WHAT IS BEING ASKED: Copy each line of the records below that mentions the word "source".

DATA EXTRACTS:

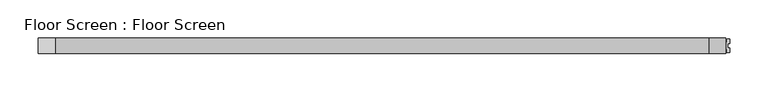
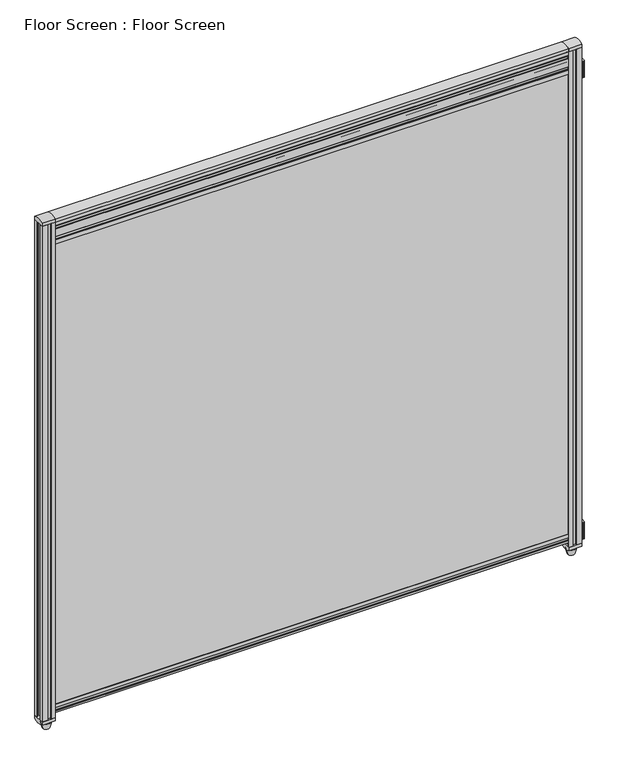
"""IFC4 building model written with IfcOpenShell, lengths in millimetres: furniture geometry, Floor Screen : Floor Screen."""

from ifc_helpers import new_model, si_unit, point, frame, frame_2d, origin, place, context, project, spatial, polyline, circle_curve, trimmed, segment, composite_curve, outline, extrude, source, transform, mapped, element, save
from ifc_brep_helpers import plane_surface, cylinder_surface, revolved_surface, advanced_brep


def floor_screen_floor_screen_8b4445b1(model_context):
    return source(origin(), model_context, "Body", "SolidModel", [
        extrude(outline(polyline([(2.9999997, 851.5000011), (7.4999998, 851.5000011), (7.4999998, 41.0000047), (1.4999993, 41.0000047), (1.4999993, 56.0000021), (-1.5000004, 56.0000021), (-1.5000004, 41.0000047), (-7.5000007, 41.0000047), (-7.5000007, 851.5000011), (-3.0000003, 851.5000011), (-3.0000003, 828.4786457), (2.9999997, 828.4786457), (2.9999997, 851.5000011)])), frame((-427.9999984, 0.0, 0.0), z_axis=(1.0, 0.0, 0.0), x_axis=(0.0, 1.0, 0.0)), (0.0, 0.0, 1.0), 855.9999968),
        advanced_brep(
        [(432.111473, 0.0, 0.0), (443.0885538, 0.0, 0.0), (437.6000134, 0.0, 0.0), (437.6000134, 0.0, 34.0000004), (440.6000134, 0.0, 34.0000004), (434.6000134, 0.0, 34.0000004), (440.6000134, 0.0, 10.9999997), (434.6000134, 0.0, 10.9999997), (446.1000132, 0.0, 10.9999997), (429.1000136, 0.0, 10.9999997)],
        [
            (0, 1, circle_curve(frame((437.6000134, 0.0, 0.0), z_axis=(0.0, 0.0, -1.0), x_axis=(1.0, 0.0, 0.0)), 5.4885404)),
            (1, 2),
            (2, 0),
            (1, 0, circle_curve(frame((437.6000134, 0.0, 0.0), z_axis=(0.0, 0.0, -1.0), x_axis=(1.0, 0.0, 0.0)), 5.4885404)),
            (3, 4),
            (4, 5, circle_curve(frame((437.6000134, 0.0, 34.0000004), z_axis=(0.0, 0.0, 1.0), x_axis=(1.0, 0.0, 0.0)), 3.0)),
            (5, 3),
            (5, 4, circle_curve(frame((437.6000134, 0.0, 34.0000004), z_axis=(0.0, 0.0, 1.0), x_axis=(1.0, 0.0, 0.0)), 3.0)),
            (4, 6),
            (6, 7, circle_curve(frame((437.6000134, 0.0, 10.9999997), z_axis=(0.0, 0.0, 1.0), x_axis=(1.0, 0.0, 0.0)), 3.0)),
            (7, 5),
            (7, 6, circle_curve(frame((437.6000134, 0.0, 10.9999997), z_axis=(0.0, 0.0, 1.0), x_axis=(1.0, 0.0, 0.0)), 3.0)),
            (6, 8),
            (8, 9, circle_curve(frame((437.6000134, 0.0, 10.9999997), z_axis=(0.0, 0.0, 1.0), x_axis=(1.0, 0.0, 0.0)), 8.4999998)),
            (9, 7),
            (9, 8, circle_curve(frame((437.6000134, 0.0, 10.9999997), z_axis=(0.0, 0.0, 1.0), x_axis=(1.0, 0.0, 0.0)), 8.4999998)),
            (8, 1),
            (0, 9),
        ],
        [
            plane_surface(frame((437.6000134, 0.0, 0.0), z_axis=(0.0, 0.0, -1.0), x_axis=(1.0, 0.0, 0.0))),
            plane_surface(frame((437.6000134, 0.0, 34.0000004), z_axis=(0.0, 0.0, 1.0), x_axis=(1.0, 0.0, 0.0))),
            cylinder_surface(frame((437.6000134, 0.0, 34.0000004), z_axis=(0.0, 0.0, 1.0), x_axis=(1.0, 0.0, 0.0)), 3.0),
            plane_surface(frame((437.6000134, 0.0, 10.9999997), z_axis=(0.0, 0.0, 1.0), x_axis=(1.0, 0.0, 0.0))),
            revolved_surface(polyline([(443.0885538, 0.0, 0.0), (446.1000132, 0.0, 10.9999997)]), (437.6000134, 0.0, 34.0000004), (0.0, 0.0, 1.0)),
        ],
        [
            (0, [[1, 2, 3]]),
            (0, [[4, -3, -2]]),
            (1, [[5, 6, 7]]),
            (1, [[-7, 8, -5]]),
            (2, [[-6, 9, 10, 11]]),
            (2, [[-8, -11, 12, -9]]),
            (3, [[-10, 13, 14, 15]]),
            (3, [[-12, -15, 16, -13]]),
            (4, [[-14, 17, -1, 18]]),
            (4, [[-16, -18, -4, -17]]),
        ],
    ),
        advanced_brep(
        [(-437.6000134, 0.0, 0.0), (-443.0885538, 0.0, 0.0), (-432.111473, 0.0, 0.0), (-434.6000134, 0.0, 34.0000004), (-440.6000134, 0.0, 34.0000004), (-437.6000134, 0.0, 34.0000004), (-434.6000134, 0.0, 10.9999997), (-440.6000134, 0.0, 10.9999997), (-429.1000136, 0.0, 10.9999997), (-446.1000132, 0.0, 10.9999997)],
        [
            (0, 1),
            (1, 2, circle_curve(frame((-437.6000134, 0.0, 0.0), z_axis=(0.0, 0.0, -1.0), x_axis=(-1.0, 0.0, 0.0)), 5.4885404)),
            (2, 0),
            (2, 1, circle_curve(frame((-437.6000134, 0.0, 0.0), z_axis=(0.0, 0.0, -1.0), x_axis=(-1.0, 0.0, 0.0)), 5.4885404)),
            (3, 4, circle_curve(frame((-437.6000134, 0.0, 34.0000004), z_axis=(0.0, 0.0, 1.0), x_axis=(-1.0, 0.0, 0.0)), 3.0)),
            (4, 5),
            (5, 3),
            (4, 3, circle_curve(frame((-437.6000134, 0.0, 34.0000004), z_axis=(0.0, 0.0, 1.0), x_axis=(-1.0, 0.0, 0.0)), 3.0)),
            (6, 7, circle_curve(frame((-437.6000134, 0.0, 10.9999997), z_axis=(0.0, 0.0, 1.0), x_axis=(-1.0, 0.0, 0.0)), 3.0)),
            (7, 4),
            (3, 6),
            (7, 6, circle_curve(frame((-437.6000134, 0.0, 10.9999997), z_axis=(0.0, 0.0, 1.0), x_axis=(-1.0, 0.0, 0.0)), 3.0)),
            (8, 9, circle_curve(frame((-437.6000134, 0.0, 10.9999997), z_axis=(0.0, 0.0, 1.0), x_axis=(-1.0, 0.0, 0.0)), 8.4999998)),
            (9, 7),
            (6, 8),
            (9, 8, circle_curve(frame((-437.6000134, 0.0, 10.9999997), z_axis=(0.0, 0.0, 1.0), x_axis=(-1.0, 0.0, 0.0)), 8.4999998)),
            (1, 9),
            (8, 2),
        ],
        [
            plane_surface(frame((-437.6000134, 0.0, 0.0), z_axis=(0.0, 0.0, -1.0), x_axis=(-1.0, 0.0, 0.0))),
            plane_surface(frame((-437.6000134, 0.0, 34.0000004), z_axis=(0.0, 0.0, 1.0), x_axis=(-1.0, 0.0, 0.0))),
            cylinder_surface(frame((-437.6000134, 0.0, 34.0000004), z_axis=(0.0, 0.0, -1.0), x_axis=(-1.0, 0.0, 0.0)), 3.0),
            plane_surface(frame((-437.6000134, 0.0, 10.9999997), z_axis=(0.0, 0.0, 1.0), x_axis=(-1.0, 0.0, 0.0))),
            revolved_surface(polyline([(-446.1000132, 0.0, 10.9999997), (-443.0885538, 0.0, 0.0)]), (-437.6000134, 0.0, 34.0000004), (0.0, 0.0, -1.0)),
        ],
        [
            (0, [[1, 2, 3]]),
            (0, [[-3, 4, -1]]),
            (1, [[5, 6, 7]]),
            (1, [[8, -7, -6]]),
            (2, [[9, 10, -5, 11]]),
            (2, [[12, -11, -8, -10]]),
            (3, [[13, 14, -9, 15]]),
            (3, [[16, -15, -12, -14]]),
            (4, [[-2, 17, -13, 18]]),
            (4, [[-4, -18, -16, -17]]),
        ],
    ),
        extrude(outline(composite_curve([segment(trimmed(circle_curve(frame_2d((454.2241716, -7.9589995)), 0.9758086), [point((455.1999802, -7.9589995))], [point((454.2241716, -8.934808))], False, "CARTESIAN"), True, "CONTINUOUS"), segment(polyline([(454.2241716, -8.934808), (452.4274843, -8.934808)]), True, "CONTINUOUS"), segment(trimmed(circle_curve(frame_2d((452.4274843, -7.9573148)), 0.9774932), [point((452.4274843, -8.934808))], [point((451.449991, -7.9573148))], False, "CARTESIAN"), True, "CONTINUOUS"), segment(polyline([(451.449991, -7.9573148), (451.449991, -4.4500003), (448.5500227, -4.4500003), (448.5500227, -7.9707118)]), True, "CONTINUOUS"), segment(trimmed(circle_curve(frame_2d((447.5859264, -7.9707118)), 0.9640962), [point((448.5500227, -7.9707118))], [point((447.5859264, -8.934808))], False, "CARTESIAN"), True, "CONTINUOUS"), segment(polyline([(447.5859264, -8.934808), (445.7567695, -8.934808)]), True, "CONTINUOUS"), segment(trimmed(circle_curve(frame_2d((445.7567695, -7.9780397)), 0.9567683), [point((445.7567695, -8.934808))], [point((444.8000012, -7.9780397))], False, "CARTESIAN"), True, "CONTINUOUS"), segment(polyline([(444.8000012, -7.9780397), (444.8000012, -3.0000003), (447.2968339, -3.0000003)]), True, "CONTINUOUS"), segment(trimmed(circle_curve(frame_2d((447.2968339, -2.4968383)), 0.5031619), [point((447.2968339, -3.0000003))], [point((447.7999958, -2.4968383))], True, "CARTESIAN"), True, "CONTINUOUS"), segment(polyline([(447.7999958, -2.4968383), (447.7999958, 2.4764125)]), True, "CONTINUOUS"), segment(trimmed(circle_curve(frame_2d((447.2764086, 2.4764125)), 0.5235872), [point((447.7999958, 2.4764125))], [point((447.2764086, 2.9999997))], True, "CARTESIAN"), True, "CONTINUOUS"), segment(polyline([(447.2764086, 2.9999997), (444.8000012, 2.9999997), (444.8000012, 7.9700653)]), True, "CONTINUOUS"), segment(trimmed(circle_curve(frame_2d((445.7647432, 7.9700653)), 0.964742), [point((444.8000012, 7.9700653))], [point((445.7647432, 8.9348073))], False, "CARTESIAN"), True, "CONTINUOUS"), segment(polyline([(445.7647432, 8.9348073), (447.5858723, 8.9348073)]), True, "CONTINUOUS"), segment(trimmed(circle_curve(frame_2d((447.5858723, 7.9706569)), 0.9641504), [point((447.5858723, 8.9348073))], [point((448.5500227, 7.9706569))], False, "CARTESIAN"), True, "CONTINUOUS"), segment(polyline([(448.5500227, 7.9706569), (448.5500227, 4.4499998), (451.449991, 4.4499998), (451.449991, 7.9420424)]), True, "CONTINUOUS"), segment(trimmed(circle_curve(frame_2d((452.442756, 7.9420424)), 0.9927649), [point((451.449991, 7.9420424))], [point((452.442756, 8.9348073))], False, "CARTESIAN"), True, "CONTINUOUS"), segment(polyline([(452.442756, 8.9348073), (454.2102525, 8.9348073)]), True, "CONTINUOUS"), segment(trimmed(circle_curve(frame_2d((454.2102525, 7.9450797)), 0.9897276), [point((454.2102525, 8.9348073))], [point((455.1999802, 7.9450797))], False, "CARTESIAN"), True, "CONTINUOUS"), segment(polyline([(455.1999802, 7.9450797), (455.1999802, 2.9999997), (452.7526237, 2.9999997)]), True, "CONTINUOUS"), segment(trimmed(circle_curve(frame_2d((452.7526237, 2.4473939)), 0.5526058), [point((452.7526237, 2.9999997))], [point((452.2000179, 2.4473939))], True, "CARTESIAN"), True, "CONTINUOUS"), segment(polyline([(452.2000179, 2.4473939), (452.2000179, -2.4754422)]), True, "CONTINUOUS"), segment(trimmed(circle_curve(frame_2d((452.724576, -2.4754422)), 0.524558), [point((452.2000179, -2.4754422))], [point((452.724576, -3.0000003))], True, "CARTESIAN"), True, "CONTINUOUS"), segment(polyline([(452.724576, -3.0000003), (455.1999802, -3.0000003), (455.1999802, -7.9589995)]), True, "CONTINUOUS")], self_intersect=False)), frame((0.0, 0.0, 837.0), z_axis=(0.0, 0.0, 1.0), x_axis=(1.0, 0.0, 0.0)), (0.0, 0.0, 1.0), 29.0),
        extrude(outline(composite_curve([segment(trimmed(circle_curve(frame_2d((454.2241716, -7.9589995)), 0.9758086), [point((455.1999802, -7.9589995))], [point((454.2241716, -8.934808))], False, "CARTESIAN"), True, "CONTINUOUS"), segment(polyline([(454.2241716, -8.934808), (452.4274843, -8.934808)]), True, "CONTINUOUS"), segment(trimmed(circle_curve(frame_2d((452.4274843, -7.9573148)), 0.9774932), [point((452.4274843, -8.934808))], [point((451.449991, -7.9573148))], False, "CARTESIAN"), True, "CONTINUOUS"), segment(polyline([(451.449991, -7.9573148), (451.449991, -4.4500003), (448.5500227, -4.4500003), (448.5500227, -7.9707118)]), True, "CONTINUOUS"), segment(trimmed(circle_curve(frame_2d((447.5859264, -7.9707118)), 0.9640962), [point((448.5500227, -7.9707118))], [point((447.5859264, -8.934808))], False, "CARTESIAN"), True, "CONTINUOUS"), segment(polyline([(447.5859264, -8.934808), (445.7567695, -8.934808)]), True, "CONTINUOUS"), segment(trimmed(circle_curve(frame_2d((445.7567695, -7.9780397)), 0.9567683), [point((445.7567695, -8.934808))], [point((444.8000012, -7.9780397))], False, "CARTESIAN"), True, "CONTINUOUS"), segment(polyline([(444.8000012, -7.9780397), (444.8000012, -3.0000003), (447.2968339, -3.0000003)]), True, "CONTINUOUS"), segment(trimmed(circle_curve(frame_2d((447.2968339, -2.4968383)), 0.5031619), [point((447.2968339, -3.0000003))], [point((447.7999958, -2.4968383))], True, "CARTESIAN"), True, "CONTINUOUS"), segment(polyline([(447.7999958, -2.4968383), (447.7999958, 2.4764125)]), True, "CONTINUOUS"), segment(trimmed(circle_curve(frame_2d((447.2764086, 2.4764125)), 0.5235872), [point((447.7999958, 2.4764125))], [point((447.2764086, 2.9999997))], True, "CARTESIAN"), True, "CONTINUOUS"), segment(polyline([(447.2764086, 2.9999997), (444.8000012, 2.9999997), (444.8000012, 7.9700653)]), True, "CONTINUOUS"), segment(trimmed(circle_curve(frame_2d((445.7647432, 7.9700653)), 0.964742), [point((444.8000012, 7.9700653))], [point((445.7647432, 8.9348073))], False, "CARTESIAN"), True, "CONTINUOUS"), segment(polyline([(445.7647432, 8.9348073), (447.5858723, 8.9348073)]), True, "CONTINUOUS"), segment(trimmed(circle_curve(frame_2d((447.5858723, 7.9706569)), 0.9641504), [point((447.5858723, 8.9348073))], [point((448.5500227, 7.9706569))], False, "CARTESIAN"), True, "CONTINUOUS"), segment(polyline([(448.5500227, 7.9706569), (448.5500227, 4.4499998), (451.449991, 4.4499998), (451.449991, 7.9420424)]), True, "CONTINUOUS"), segment(trimmed(circle_curve(frame_2d((452.442756, 7.9420424)), 0.9927649), [point((451.449991, 7.9420424))], [point((452.442756, 8.9348073))], False, "CARTESIAN"), True, "CONTINUOUS"), segment(polyline([(452.442756, 8.9348073), (454.2102525, 8.9348073)]), True, "CONTINUOUS"), segment(trimmed(circle_curve(frame_2d((454.2102525, 7.9450797)), 0.9897276), [point((454.2102525, 8.9348073))], [point((455.1999802, 7.9450797))], False, "CARTESIAN"), True, "CONTINUOUS"), segment(polyline([(455.1999802, 7.9450797), (455.1999802, 2.9999997), (452.7526237, 2.9999997)]), True, "CONTINUOUS"), segment(trimmed(circle_curve(frame_2d((452.7526237, 2.4473939)), 0.5526058), [point((452.7526237, 2.9999997))], [point((452.2000179, 2.4473939))], True, "CARTESIAN"), True, "CONTINUOUS"), segment(polyline([(452.2000179, 2.4473939), (452.2000179, -2.4754422)]), True, "CONTINUOUS"), segment(trimmed(circle_curve(frame_2d((452.724576, -2.4754422)), 0.524558), [point((452.2000179, -2.4754422))], [point((452.724576, -3.0000003))], True, "CARTESIAN"), True, "CONTINUOUS"), segment(polyline([(452.724576, -3.0000003), (455.1999802, -3.0000003), (455.1999802, -7.9589995)]), True, "CONTINUOUS")], self_intersect=False)), frame((0.0, 0.0, 25.0), z_axis=(0.0, 0.0, 1.0), x_axis=(1.0, 0.0, 0.0)), (0.0, 0.0, 1.0), 29.0),
        extrude(outline(composite_curve([segment(polyline([(9.1499968, 36.0000055), (7.9499769, 36.0000055), (7.9499769, 39.3000176), (2.2528409, 39.3000176)]), True, "CONTINUOUS"), segment(trimmed(circle_curve(frame_2d((0.1077675, 37.4875113)), 2.8082947), [point((2.2528409, 39.3000176))], [point((2.8960112, 37.1525251))], False, "CARTESIAN"), True, "CONTINUOUS"), segment(trimmed(circle_curve(frame_2d((1.9633241, 35.3983957)), 1.9866744), [point((2.8960112, 37.1525251))], [point((3.9499985, 35.3983957))], False, "CARTESIAN"), True, "CONTINUOUS"), segment(polyline([(3.9499985, 35.3983957), (3.9499985, 32.000043)]), True, "CONTINUOUS"), segment(trimmed(circle_curve(frame_2d((0.5724057, 30.1836157)), 3.8350412), [point((3.9499985, 32.000043))], [point((3.7920505, 28.1000063))], False, "CARTESIAN"), True, "CONTINUOUS"), segment(polyline([(3.7920505, 28.1000063), (7.9499769, 28.1000063), (7.9499769, 30.5000165), (9.1499968, 30.5000165), (9.1499968, 27.000003), (2.8499952, 27.000003), (2.8499952, 28.86563)]), True, "CONTINUOUS"), segment(trimmed(circle_curve(frame_2d((0.4891584, 30.1967785)), 2.7102595), [point((2.8499952, 28.86563))], [point((2.7499786, 31.6915022))], True, "CARTESIAN"), True, "CONTINUOUS"), segment(polyline([(2.7499786, 31.6915022), (2.7499786, 35.5623077), (1.1043975, 36.377492)]), True, "CONTINUOUS"), segment(trimmed(circle_curve(frame_2d((-9e-07, 37.5462476)), 1.6080067), [point((1.1043975, 36.377492))], [point((-1.1043986, 36.3774915))], True, "CARTESIAN"), True, "CONTINUOUS"), segment(polyline([(-1.1043986, 36.3774915), (-2.7499786, 35.5623077), (-2.7499786, 31.6915022)]), True, "CONTINUOUS"), segment(trimmed(circle_curve(frame_2d((-0.4891584, 30.1967785)), 2.7102595), [point((-2.7499786, 31.6915022))], [point((-2.8499952, 28.86563))], True, "CARTESIAN"), True, "CONTINUOUS"), segment(polyline([(-2.8499952, 28.86563), (-2.8499952, 27.000003), (-9.1499968, 27.000003), (-9.1499968, 30.5000165), (-7.9499769, 30.5000165), (-7.9499769, 28.1000063), (-3.7920505, 28.1000063)]), True, "CONTINUOUS"), segment(trimmed(circle_curve(frame_2d((-0.5724057, 30.1836157)), 3.8350412), [point((-3.7920505, 28.1000063))], [point((-3.9499985, 32.000043))], False, "CARTESIAN"), True, "CONTINUOUS"), segment(polyline([(-3.9499985, 32.000043), (-3.9499985, 35.3983957)]), True, "CONTINUOUS"), segment(trimmed(circle_curve(frame_2d((-1.9633241, 35.3983957)), 1.9866744), [point((-3.9499985, 35.3983957))], [point((-2.8960112, 37.1525251))], False, "CARTESIAN"), True, "CONTINUOUS"), segment(trimmed(circle_curve(frame_2d((-0.1077675, 37.4875113)), 2.8082947), [point((-2.8960112, 37.1525251))], [point((-2.2528409, 39.3000176))], False, "CARTESIAN"), True, "CONTINUOUS"), segment(polyline([(-2.2528409, 39.3000176), (-7.9499769, 39.3000176), (-7.9499769, 36.0000055), (-9.1499968, 36.0000055), (-9.1499968, 41.7000255), (-7.9499769, 41.7000255), (-7.9499769, 40.5000079), (-0.9999878, 40.5000079), (-0.9999878, 52.4299287)]), True, "CONTINUOUS"), segment(trimmed(circle_curve(frame_2d((-9e-07, 51.8776877)), 1.1423415), [point((-0.9999878, 52.4299287))], [point((0.9999878, 52.4299256))], False, "CARTESIAN"), True, "CONTINUOUS"), segment(polyline([(0.9999878, 52.4299256), (0.9999878, 40.5000079), (7.9499769, 40.5000079), (7.9499769, 41.7000255), (9.1499968, 41.7000255), (9.1499968, 36.0000055)]), True, "CONTINUOUS")], self_intersect=False)), frame((-430.4999775, 0.0, 0.0), z_axis=(1.0, 0.0, 0.0), x_axis=(0.0, 1.0, 0.0)), (0.0, 0.0, 1.0), 860.9999551),
        extrude(outline(composite_curve([segment(polyline([(1.549986, 889.6831947), (1.549986, 892.0), (2.7499991, 892.0), (2.7499991, 890.0358452)]), True, "CONTINUOUS"), segment(trimmed(circle_curve(frame_2d((0.6713989, 888.7794875)), 2.4287884), [point((2.7499991, 890.0358452))], [point((2.57901, 887.2761469))], False, "CARTESIAN"), True, "CONTINUOUS"), segment(polyline([(2.57901, 887.2761469), (2.4052283, 885.6188286)]), True, "CONTINUOUS"), segment(trimmed(circle_curve(frame_2d((1.8024298, 885.5896911)), 0.6035023), [point((2.4052283, 885.6188286))], [point((1.2022181, 885.6526268))], False, "CARTESIAN"), True, "CONTINUOUS"), segment(polyline([(1.2022181, 885.6526268), (1.4276597, 887.8026409)]), True, "CONTINUOUS"), segment(trimmed(circle_curve(frame_2d((0.6111034, 888.8000117)), 1.2889968), [point((1.4276597, 887.8026409))], [point((1.549986, 889.6831947))], True, "CARTESIAN"), True, "CONTINUOUS")], self_intersect=False)), frame((-430.4999775, 0.0, 0.0), z_axis=(1.0, 0.0, 0.0), x_axis=(0.0, 1.0, 0.0)), (0.0, 0.0, 1.0), 860.9999551),
        extrude(outline(composite_curve([segment(trimmed(circle_curve(frame_2d((-0.6111034, 888.8000117)), 1.2889968), [point((-1.549986, 889.6831947))], [point((-1.4276597, 887.8026409))], True, "CARTESIAN"), True, "CONTINUOUS"), segment(polyline([(-1.4276597, 887.8026409), (-1.2022181, 885.6526268)]), True, "CONTINUOUS"), segment(trimmed(circle_curve(frame_2d((-1.8024298, 885.5896911)), 0.6035023), [point((-1.2022181, 885.6526268))], [point((-2.4052283, 885.6188286))], False, "CARTESIAN"), True, "CONTINUOUS"), segment(polyline([(-2.4052283, 885.6188286), (-2.57901, 887.2761469)]), True, "CONTINUOUS"), segment(trimmed(circle_curve(frame_2d((-0.6713989, 888.7794875)), 2.4287884), [point((-2.57901, 887.2761469))], [point((-2.7499991, 890.0358452))], False, "CARTESIAN"), True, "CONTINUOUS"), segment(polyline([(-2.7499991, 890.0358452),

EXERCISE RESULT:
from ifc_helpers import new_model, si_unit, point, frame, frame_2d, origin, place, context, project, spatial, polyline, circle_curve, trimmed, segment, composite_curve, outline, extrude, source, transform, mapped, element, save
    return source(origin(), model_context, "Body", "SolidModel", [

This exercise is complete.